__Problem requirements__
All lines of the entries with "font" in them must be listed.
Segment Open
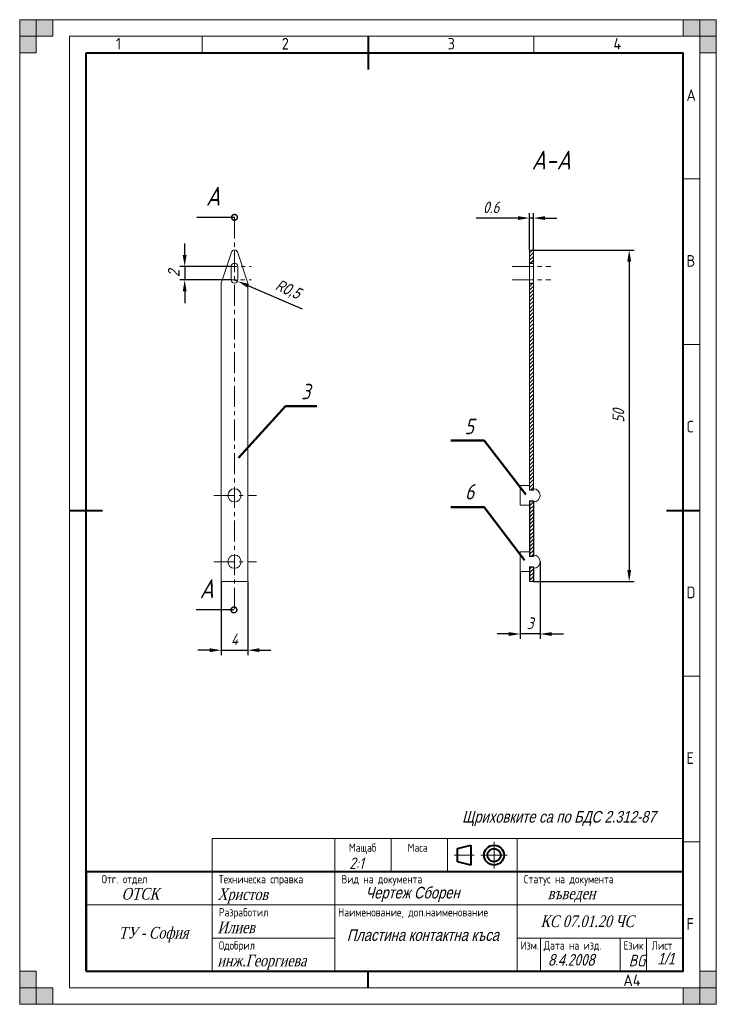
# Model space of a CAD drawing. Extents: x 0 to 210, y 0 to 297.
import ezdxf
from ezdxf.enums import TextEntityAlignment as Align

# ---------------------------------------------------------------- set-up
doc = ezdxf.new("R2010")
doc.units = 0
doc.linetypes.add('CENTER', pattern=[50.8, 31.75, -6.35, 6.35, -6.35])
doc.layers.get('0').update_dxf_attribs({"linetype": 'CONTINUOUS'})
doc.layers.get('DEFPOINTS').update_dxf_attribs({"linetype": 'CONTINUOUS'})
for name, color, linetype, lineweight in [('AxisLine', 6, 'CENTER', 20), ('Dimensions', 1, 'CONTINUOUS', 20), ('Hatch', 3, 'CONTINUOUS', 20), ('Text35', 3, 'CONTINUOUS', 35), ('Text50', 9, 'CONTINUOUS', 50), ('Thick Line', 5, 'CONTINUOUS', 25), ('ThickLine', 5, 'CONTINUOUS', 40), ('ThinLine', 1, 'CONTINUOUS', 20)]:
    doc.layers.add(name, color=color, linetype=linetype, lineweight=lineweight)
doc.styles.add('ISO Proportional', font='isocp.shx')
doc.styles.get("Standard").update_dxf_attribs({"font": 'simplexc.shx', "width": 0.8, "oblique": 15})
doc.styles.add('WFTEXTn', font='simplexc.shx', dxfattribs={"width": 0.8})
doc.dimstyles.get("Standard").update_dxf_attribs({"dimtxt": 3.5, "dimasz": 3.5, "dimexe": 1.5, "dimexo": 0, "dimgap": 1.5, "dimtad": 1, "dimdsep": 46, "dimtxsty": 'Standard', "dimcen": -1.5, "dimdle": 1.25, "dimadec": 0, "dimazin": 0, "dimtfac": 0.75, "dimtdec": 1, "dimtmove": 0, "dimatfit": 3, "dimfxl": 0, "dimtolj": 1, "dimarcsym": 0})
doc.dimstyles.new('STANDARD$7', dxfattribs={"dimtxt": 3.5, "dimasz": 3.5, "dimexe": 1.5, "dimexo": 0, "dimgap": 1.5, "dimtad": 1, "dimdsep": 46, "dimtxsty": 'Standard', "dimblk1": 'DOTSMALL', "dimblk2": 'DOTSMALL', "dimsah": 1, "dimcen": -1.5, "dimdle": 1.25, "dimadec": 0, "dimazin": 0, "dimtfac": 0.75, "dimtdec": 1, "dimtmove": 0, "dimatfit": 3, "dimldrblk": 'DOTSMALL', "dimfxl": 0, "dimtolj": 1, "dimarcsym": 0})

# ---------------------------------------------------------------- blocks, each defined once
blk = doc.blocks.new('*D4')
at = {"layer": 'DEFPOINTS', "color": 0, "ltscale": 0.2}
for p in [(63.75, 222.52), (49.74, 218.52), (63.75, 218.52)]:
    blk.add_point(p, dxfattribs=at)
at = {"layer": 'Dimensions', "color": 0, "lineweight": -2, "ltscale": 0.2}
for p, q in [((49.74, 226.02), (49.74, 229.52)), ((63.75, 222.52), (48.24, 222.52)), ((49.74, 222.52), (49.74, 218.52)), ((63.75, 218.52), (48.24, 218.52)), ((49.74, 215.02), (49.74, 211.52))]:
    blk.add_line(p, q, dxfattribs=at)
at = {"layer": 'Dimensions', "color": 0, "ltscale": 0.2}
for points in [[(49.15, 226.02), (50.32, 226.02), (49.74, 222.52)], [(49.15, 215.02), (50.32, 215.02), (49.74, 218.52)]]:
    blk.add_solid(points, dxfattribs=at)
at = {"layer": 'Dimensions', "color": 0, "ltscale": 0.2, "insert": (46.47, 220.52), "char_height": 3.5, "attachment_point": 5, "rotation": 90}
blk.add_mtext('\\A1;{\\fProxy 1|b0|i0|c204|p0;2}', dxfattribs=at)
blk = doc.blocks.new('*D5')
at = {"layer": 'DEFPOINTS', "color": 0, "ltscale": 0.2}
for p in [(64.75, 218.52), (65.67, 218.12)]:
    blk.add_point(p, dxfattribs=at)
at = {"layer": 'Dimensions', "color": 0, "lineweight": -2, "ltscale": 0.2}
for p, q in [((64.75, 218.52), (65.67, 218.12)), ((85.28, 209.66), (68.88, 216.73))]:
    blk.add_line(p, q, dxfattribs=at)
at = {"layer": 'Dimensions', "color": 0, "ltscale": 0.2}
blk.add_solid([(69.11, 217.27), (68.65, 216.2), (65.67, 218.12)], dxfattribs=at)
at = {"layer": 'Dimensions', "color": 0, "ltscale": 0.2, "insert": (80.8, 215.45), "char_height": 3.5, "attachment_point": 5, "rotation": 336.6491}
blk.add_mtext('\\A1;R{\\fProxy 1|b0|i0|c204|p0;0,5}', dxfattribs=at)
blk = doc.blocks.new('*D6')
at = {"layer": 'DEFPOINTS', "color": 0, "ltscale": 0.2}
for p in [(154.89, 227.52), (154.89, 127.52), (183.75, 127.52)]:
    blk.add_point(p, dxfattribs=at)
at = {"layer": 'Dimensions', "color": 0, "lineweight": -2, "ltscale": 0.2}
for p, q in [((154.89, 227.52), (185.25, 227.52)), ((183.75, 224.02), (183.75, 131.02)), ((154.89, 127.52), (185.25, 127.52))]:
    blk.add_line(p, q, dxfattribs=at)
at = {"layer": 'Dimensions', "color": 0, "ltscale": 0.2}
for points in [[(183.17, 224.02), (184.34, 224.02), (183.75, 227.52)], [(183.17, 131.02), (184.34, 131.02), (183.75, 127.52)]]:
    blk.add_solid(points, dxfattribs=at)
at = {"layer": 'Dimensions', "color": 0, "ltscale": 0.2, "insert": (180.5, 177.52), "char_height": 3.5, "attachment_point": 5, "rotation": 90}
blk.add_mtext('\\A1;50', dxfattribs=at)
blk = doc.blocks.new('*D7')
at = {"layer": 'DEFPOINTS', "color": 0, "ltscale": 0.2}
for p in [(60.75, 127.52), (68.75, 127.52), (68.75, 106.82)]:
    blk.add_point(p, dxfattribs=at)
at = {"layer": 'Dimensions', "color": 0, "lineweight": -2, "ltscale": 0.2}
for p, q in [((60.75, 127.52), (60.75, 105.32)), ((68.75, 127.52), (68.75, 105.32)), ((57.25, 106.82), (53.75, 106.82)), ((60.75, 106.82), (68.75, 106.82)), ((72.25, 106.82), (75.75, 106.82))]:
    blk.add_line(p, q, dxfattribs=at)
at = {"layer": 'Dimensions', "color": 0, "ltscale": 0.2}
for points in [[(57.25, 107.4), (57.25, 106.23), (60.75, 106.82)], [(72.25, 107.4), (72.25, 106.23), (68.75, 106.82)]]:
    blk.add_solid(points, dxfattribs=at)
at = {"layer": 'Dimensions', "color": 0, "ltscale": 0.2, "insert": (64.75, 110.07), "char_height": 3.5, "attachment_point": 5}
blk.add_mtext('\\A1;4', dxfattribs=at)
blk = doc.blocks.new('*D8')
at = {"layer": 'DEFPOINTS', "color": 0, "ltscale": 0.2}
for p in [(156.89, 133.52), (150.89, 130.52), (150.89, 111.7)]:
    blk.add_point(p, dxfattribs=at)
at = {"layer": 'Dimensions', "color": 0, "lineweight": -2, "ltscale": 0.2}
for p, q in [((156.89, 133.52), (156.89, 110.2)), ((150.89, 130.52), (150.89, 110.2)), ((147.39, 111.7), (143.89, 111.7)), ((156.89, 111.7), (150.89, 111.7)), ((160.39, 111.7), (163.89, 111.7))]:
    blk.add_line(p, q, dxfattribs=at)
at = {"layer": 'Dimensions', "color": 0, "ltscale": 0.2}
for points in [[(147.39, 112.28), (147.39, 111.11), (150.89, 111.7)], [(160.39, 112.28), (160.39, 111.11), (156.89, 111.7)]]:
    blk.add_solid(points, dxfattribs=at)
at = {"layer": 'Dimensions', "color": 0, "ltscale": 0.2, "insert": (153.89, 114.95), "char_height": 3.5, "attachment_point": 5}
blk.add_mtext('\\A1;3', dxfattribs=at)
blk = doc.blocks.new('*D10')
at = {"layer": 'DEFPOINTS', "color": 0, "ltscale": 0.2}
for p in [(153.69, 237.16), (153.69, 227.52), (154.89, 227.52)]:
    blk.add_point(p, dxfattribs=at)
at = {"layer": 'ThinLine', "color": 0, "lineweight": -2, "ltscale": 0.2}
for p, q in [((153.69, 227.52), (153.69, 238.66)), ((154.89, 227.52), (154.89, 238.66)), ((150.19, 237.16), (137.6, 237.16)), ((154.89, 237.16), (153.69, 237.16)), ((158.39, 237.16), (161.89, 237.16))]:
    blk.add_line(p, q, dxfattribs=at)
at = {"layer": 'ThinLine', "color": 0, "ltscale": 0.2}
for points in [[(150.19, 237.74), (150.19, 236.58), (153.69, 237.16)], [(158.39, 237.74), (158.39, 236.58), (154.89, 237.16)]]:
    blk.add_solid(points, dxfattribs=at)
at = {"layer": 'ThinLine', "color": 0, "ltscale": 0.2, "insert": (142.15, 240.41), "char_height": 3.5, "attachment_point": 5}
blk.add_mtext('\\A1;0.6', dxfattribs=at)
blk = doc.blocks.new('_DOTSMALL')
at = {"color": 0, "linetype": 'ByBlock', "ltscale": 0.5, "const_width": 0.5}
blk.add_lwpolyline([(-0.0625, 0, 1), (0.0625, 0, 1)], format="xyb", close=True, dxfattribs=at)

msp = doc.modelspace()

# ---------------------------------------------------------------- hatches: boundary and pattern name
at = {"layer": 'Hatch', "ltscale": 0.2}
h = msp.add_hatch(dxfattribs=at)
h.set_pattern_fill('ANSI31', color=256, scale=0.25, style=0)
h.paths.add_polyline_path([(154.895, 226.829), (154.895, 227.518), (153.695, 227.518), (153.695, 226.829), (153.695, 223.518), (154.895, 223.518)])
h.paths.add_polyline_path([(154.895, 217.518), (153.695, 217.518), (153.695, 155.118), (154.895, 155.118), (154.895, 155.518)])
h.paths.add_polyline_path([(154.895, 151.918), (153.695, 151.918), (153.695, 135.118), (154.895, 135.118), (154.895, 135.518)])
h.paths.add_polyline_path([(154.895, 131.918), (153.695, 131.918), (153.695, 127.518), (154.895, 127.518)])
at = {"layer": 'ThinLine'}
for points in [[(0, 297), (5, 297), (5, 287), (0, 287)], [(0, 292), (10, 292), (10, 297), (0, 297)], [(210, 297), (210, 292), (200, 292), (200, 297)], [(205, 297), (205, 287), (210, 287), (210, 297)], [(5, 0), (5, 10), (0, 10), (0, 0)], [(210, 0), (205, 0), (205, 10), (210, 10)], [(0, 0), (0, 5), (10, 5), (10, 0)], [(210, 5), (200, 5), (200, 0), (210, 0)]]:
    msp.add_hatch(color=256, dxfattribs=at).paths.add_polyline_path(points)

# ---------------------------------------------------------------- linework, layer by layer
at = {"layer": 'AxisLine', "ltscale": 0.2}
for p, q in [((64.75, 237.379), (64.75, 118.776)), ((59.113, 222.518), (69.824, 222.518)), ((148.495, 222.518), (160.081, 222.518)), ((58.966, 218.518), (69.911, 218.518)), ((148.495, 218.518), (160.081, 218.518)), ((58.502, 153.518), (71.372, 153.518)), ((58.502, 133.518), (71.372, 133.518))]:
    msp.add_line(p, q, dxfattribs=at)
at = {"layer": 'Text50', "ltscale": 0.2}
for p, q in [((65.949, 164.848), (80.15, 180.441)), ((80.15, 180.441), (89.551, 180.441)), ((140.042, 170.069), (129.929, 170.069)), ((152.579, 153.799), (140.042, 170.069)), ((140.056, 149.952), (129.942, 149.952)), ((152.205, 133.941), (140.056, 149.952))]:
    msp.add_line(p, q, dxfattribs=at)
at = {"layer": 'Thick Line', "ltscale": 0.2}
for p, q in [((153.695, 223.518), (154.895, 223.518)), ((153.695, 217.518), (154.895, 217.518)), ((154.895, 155.118), (153.695, 155.118)), ((154.895, 155.518), (154.895, 155.118)), ((153.695, 151.918), (154.895, 151.918)), ((153.695, 151.918), (153.695, 135.118)), ((154.895, 151.918), (154.895, 135.518)), ((154.895, 135.118), (153.695, 135.118)), ((154.895, 135.518), (154.895, 135.118)), ((153.695, 131.918), (153.695, 127.518)), ((153.695, 131.918), (154.895, 131.918)), ((154.895, 131.918), (154.895, 127.518))]:
    msp.add_line(p, q, dxfattribs=at)
at = {"layer": 'ThickLine'}
for p, q in [((105, 292), (105, 282)), ((20, 10), (20, 287)), ((20, 287), (200, 287)), ((200, 10), (200, 287)), ((15, 149), (25, 149)), ((195, 149), (205, 149)), ((132, 47), (136, 48)), ((136, 48), (136, 42)), ((132, 43), (132, 47)), ((136, 42), (132, 43)), ((105, 5), (105, 10))]:
    msp.add_line(p, q, dxfattribs=at)
at = {"layer": 'ThickLine', "linetype": 'Continuous', "lineweight": 15}
for p, q in [((60.75, 217.518), (63.8, 226.829)), ((68.75, 217.518), (65.731, 226.714)), ((153.695, 227.518), (153.695, 226.829)), ((154.895, 227.518), (153.695, 227.518)), ((153.695, 217.518), (153.695, 226.829)), ((154.895, 227.518), (154.895, 226.829)), ((154.895, 217.518), (154.895, 226.829)), ((63.75, 218.518), (63.75, 222.518)), ((65.75, 218.518), (65.75, 222.518)), ((60.75, 217.518), (60.75, 127.518)), ((68.75, 217.518), (68.75, 127.518)), ((153.695, 217.518), (153.695, 155.118)), ((154.895, 217.518), (154.895, 155.118)), ((150.895, 150.518), (150.895, 156.518)), ((153.695, 156.518), (150.895, 156.518)), ((150.895, 150.518), (153.695, 150.518)), ((150.895, 130.518), (150.895, 136.518)), ((153.695, 136.518), (150.895, 136.518)), ((150.895, 130.518), (153.695, 130.518)), ((68.75, 127.518), (60.75, 127.518)), ((154.895, 127.518), (153.695, 127.518))]:
    msp.add_line(p, q, dxfattribs=at)
at = {"layer": 'ThickLine'}
msp.add_lwpolyline([(20, 10), (200, 10), (200, 40), (20, 40)], close=True, dxfattribs=at)
at = {"layer": 'ThickLine', "linetype": 'Continuous', "lineweight": 15}
for centre in [(64.75, 153.518), (64.75, 133.518)]:
    msp.add_circle(centre, 2, dxfattribs=at)
at = {"layer": 'ThickLine'}
for radius in [3, 2]:
    msp.add_circle((143, 45), radius, dxfattribs=at)
at = {"layer": 'ThickLine', "linetype": 'Continuous', "lineweight": 15}
for centre, radius, start, end in [((64.75, 226.518), 1, 11.29705, 161.86506), ((64.75, 222.518), 1, 360, 180), ((64.75, 218.518), 1, 180, 0), ((154.895, 153.518), 2, 270, 90), ((154.895, 133.518), 2, 270, 90)]:
    msp.add_arc(centre, radius, start, end, dxfattribs=at)
at = {"layer": 'ThinLine'}
for p, q in [((210, 297), (0, 297)), ((0, 297), (0, 0)), ((210, 297), (210, 0)), ((205, 292), (15, 292)), ((15, 292), (15, 5)), ((55, 292), (55, 287)), ((155, 292), (155, 287)), ((205, 292), (205, 5)), ((200, 249), (205, 249)), ((200, 199), (205, 199)), ((200, 99), (205, 99)), ((95.002, 40), (95.002, 50)), ((112.002, 40), (112.002, 50)), ((129.002, 40), (129.002, 50)), ((143, 41), (143, 49)), ((150.002, 40), (150.002, 50)), ((200, 49), (205, 49)), ((131, 45), (137, 45)), ((139, 45), (147, 45)), ((58.002, 10), (58.002, 40)), ((95.002, 10), (95.002, 40)), ((150.002, 10), (150.002, 40)), ((20, 30), (200, 30)), ((58.002, 20), (95.002, 20)), ((150.018, 20), (200, 20)), ((157.002, 20), (157.002, 10)), ((181.002, 10.108), (181.002, 20)), ((189, 9.935), (189, 20)), ((15, 5), (205, 5)), ((0, 0), (210, 0))]:
    msp.add_line(p, q, dxfattribs=at)
for points in [[(0, 297), (5, 297), (5, 287), (0, 287)], [(0, 292), (10, 292), (10, 297), (0, 297)], [(58.002, 40), (200, 40), (200, 50), (58.002, 50)]]:
    msp.add_lwpolyline(points, close=True, dxfattribs=at)
at = {"layer": 'ThinLine', "ltscale": 0.5}
for points in [[(210, 297), (210, 292), (200, 292), (200, 297)], [(205, 297), (205, 287), (210, 287), (210, 297)], [(5, 0), (5, 10), (0, 10), (0, 0)], [(210, 0), (205, 0), (205, 10), (210, 10)], [(0, 0), (0, 5), (10, 5), (10, 0)], [(210, 5), (200, 5), (200, 0), (210, 0)]]:
    msp.add_lwpolyline(points, close=True, dxfattribs=at)

# ---------------------------------------------------------------- texts
at = {"layer": 'Text35', "ltscale": 0.5, "style": 'ISO Proportional'}
for s, p in [('1', (29, 288)), ('2', (79, 288)), ('3', (129, 288)), ('4', (179, 288)), ('A', (201, 272.5)), ('B', (201, 222.5)), ('C', (201, 172.5)), ('D', (201, 122.5)), ('E', (201, 72.5)), ('F', (201, 22.5)), ('A4', (182, 5.5))]:
    msp.add_text(s, height=3.5, dxfattribs=at).set_placement(p)
at = {"layer": 'Text35', "style": 'WFTEXTn', "width": 0.8}
for s, p in [('Мащаб', (103.381, 46)), ('Маса', (119.952, 46)), ('Отг. отдел', (31.571, 36.5))]:
    msp.add_text(s, height=2.5, dxfattribs=at).set_placement(p, align=Align.CENTER)
for s, p in [('Техническа справка', (60, 36.5)), ('Вид на документа', (97, 36.5)), ('Статус на документа', (152, 36.5)), ('Разработил', (60, 26.5)), ('Наименование, доп.наименование', (96, 26.5)), ('Одобрил', (60, 16.5)), ('Изм.', (151, 16.5)), ('Дата на изд.', (157.998, 16.5)), ('Език', (182.017, 16.5)), ('Лист', (190.514, 16.5))]:
    msp.add_text(s, height=2.5, dxfattribs=at).set_placement(p)
at = {"layer": 'Text50', "ltscale": 0.2, "oblique": 15, "width": 0.8}
for s, p in [('3', (84.86, 182.493)), ('5', (134.094, 171.968)), ('6', (134.231, 152.283))]:
    msp.add_text(s, height=4.656, dxfattribs=at).set_placement(p)
at = {"layer": 'Text50', "ltscale": 0.2, "insert": (133.373, 58.309), "char_height": 3.5, "width": 68.95304, "attachment_point": 1}
msp.add_mtext('{\\fArial|b0|i0|c204|p34;Щриховките са по БДС \\fArial|b0|i0|c0|p34;2.312-87}', dxfattribs=at)
at = {"layer": 'ThickLine', "ltscale": 0.2, "char_height": 3.5, "attachment_point": 1}
for s, insert, width in [('2:1', (99.325, 44.291), 9.67313), ('{\\fArial|b0|i0|c204|p34;Чертеж Сборен}', (104.234, 35.425), 42.77271), ('{\\fTimes New Roman|b0|i0|c204|p18;ОТСК}', (30.74, 35.103), 10.65889), ('{\\fTimes New Roman|b0|i0|c204|p18;Христов}', (59.613, 34.952), 30.21725), ('{\\fTimes New Roman|b0|i0|c204|p18;въведен}', (159.206, 35.2), 41.74542), ('{\\fTimes New Roman|b0|i0|c204|p18;КС 07.\\fTimes New Roman|b0|i0|c0|p18;01\\fTimes New Roman|b0|i0|c204|p18;.2\\fTimes New Roman|b0|i0|c0|p18;0 \\fTimes New Roman|b0|i0|c204|p18;ЧС}', (157.018, 26.799), 38.27099), ('{\\fTimes New Roman|b0|i0|c204|p18;Илиев}', (59.613, 24.952), 30.21725), ('{\\fTimes New Roman|b0|i0|c204|p18;ТУ - София}', (29.865, 23.347), 22.91612), ('{\\fArial|b0|i0|c204|p34;Пластина контактна къса}', (98.624, 22.637), 51.37772), ('{\\fTimes New Roman|b0|i0|c204|p18;инж.Георгиева}', (59.613, 14.952), 30.21725), ('{\\fProxy 1|b0|i0|c204|p0;8}.{\\fProxy 1|b0|i0|c204|p0;4}.200{\\fProxy 1|b0|i0|c204|p0;8}', (159.322, 15.176), 21.25045), ('BG', (183.62, 14.946), 3.91532), ('{\\fProxy 1|b0|i0|c204|p0;1/1}', (192.256, 15.521), 6.21844)]:
    msp.add_mtext(s, dxfattribs=dict(at, insert=insert, width=width))
at = {"layer": 'ThinLine', "ltscale": 0.2, "oblique": 15, "width": 0.8}
for s, height, p in [('A-A', 5.7188, (154.315, 251.809)), ('A', 5.719, (56.137, 240.891)), ('A', 5.719, (54.216, 122.486))]:
    msp.add_text(s, height=height, dxfattribs=at).set_placement(p)

# ---------------------------------------------------------------- dimensions: what is measured, and where the dimension line sits
at = {"layer": 'Dimensions', "ltscale": 0.2}
dim = msp.add_linear_dim(base=(49.737, 218.518), p1=(63.75, 222.518), p2=(63.75, 218.518), angle=90, text='{\\fProxy 1|b0|i0|c204|p0;2}', dimstyle='Standard', dxfattribs=at)
dim.commit()
dim.dimension.update_dxf_attribs({"geometry": '*D4', "text_midpoint": (49.737, 220.518), "dimtype": 160})
dim = msp.add_linear_dim(base=(183.752, 127.518), p1=(154.895, 227.518), p2=(154.895, 127.518), angle=90, text='50', dimstyle='Standard', dxfattribs=at)
dim.commit()
dim.dimension.update_dxf_attribs({"geometry": '*D6', "text_midpoint": (180.502, 177.518)})
dim = msp.add_radius_dim(center=(64.75, 218.518), mpoint=(65.668, 218.122), text='R{\\fProxy 1|b0|i0|c204|p0;0,5}', dimstyle='Standard', dxfattribs=at)
dim.commit()
dim.dimension.update_dxf_attribs({"geometry": '*D5', "text_midpoint": (79.392, 212.197), "dimtype": 164})
for base, p1, p2, text, picture, middle in [((150.895, 111.696), (156.895, 133.518), (150.895, 130.518), '3', '*D8', (153.895, 114.946)), ((68.75, 106.817), (60.75, 127.518), (68.75, 127.518), '4', '*D7', (64.75, 110.067))]:
    dim = msp.add_linear_dim(base=base, p1=p1, p2=p2, text=text, dimstyle='Standard', dxfattribs=at)
    dim.commit()
    dim.dimension.update_dxf_attribs({"geometry": picture, "text_midpoint": middle})
at = {"layer": 'ThinLine', "ltscale": 0.2}
dim = msp.add_linear_dim(base=(153.695, 237.159), p1=(154.895, 227.518), p2=(153.695, 227.518), text='0.6', dimstyle='Standard', dxfattribs=at)
dim.commit()
dim.dimension.update_dxf_attribs({"geometry": '*D10', "text_midpoint": (142.149, 240.409)})

# ---------------------------------------------------------------- leaders
for points in [[(64.75, 237.379), (53.406, 237.379)], [(64.583, 118.974), (53.239, 118.974)]]:
    msp.add_leader(points, dimstyle='STANDARD$7', override={"dimgap": 1.5, "dimtad": 0}, dxfattribs=at)

doc.saveas('drawing.dxf')
Segment Closed
__Answer box__
doc.styles.add('ISO Proportional', font='isocp.shx')
doc.styles.get("Standard").update_dxf_attribs({"font": 'simplexc.shx', "width": 0.8, "oblique": 15})
doc.styles.add('WFTEXTn', font='simplexc.shx', dxfattribs={"width": 0.8})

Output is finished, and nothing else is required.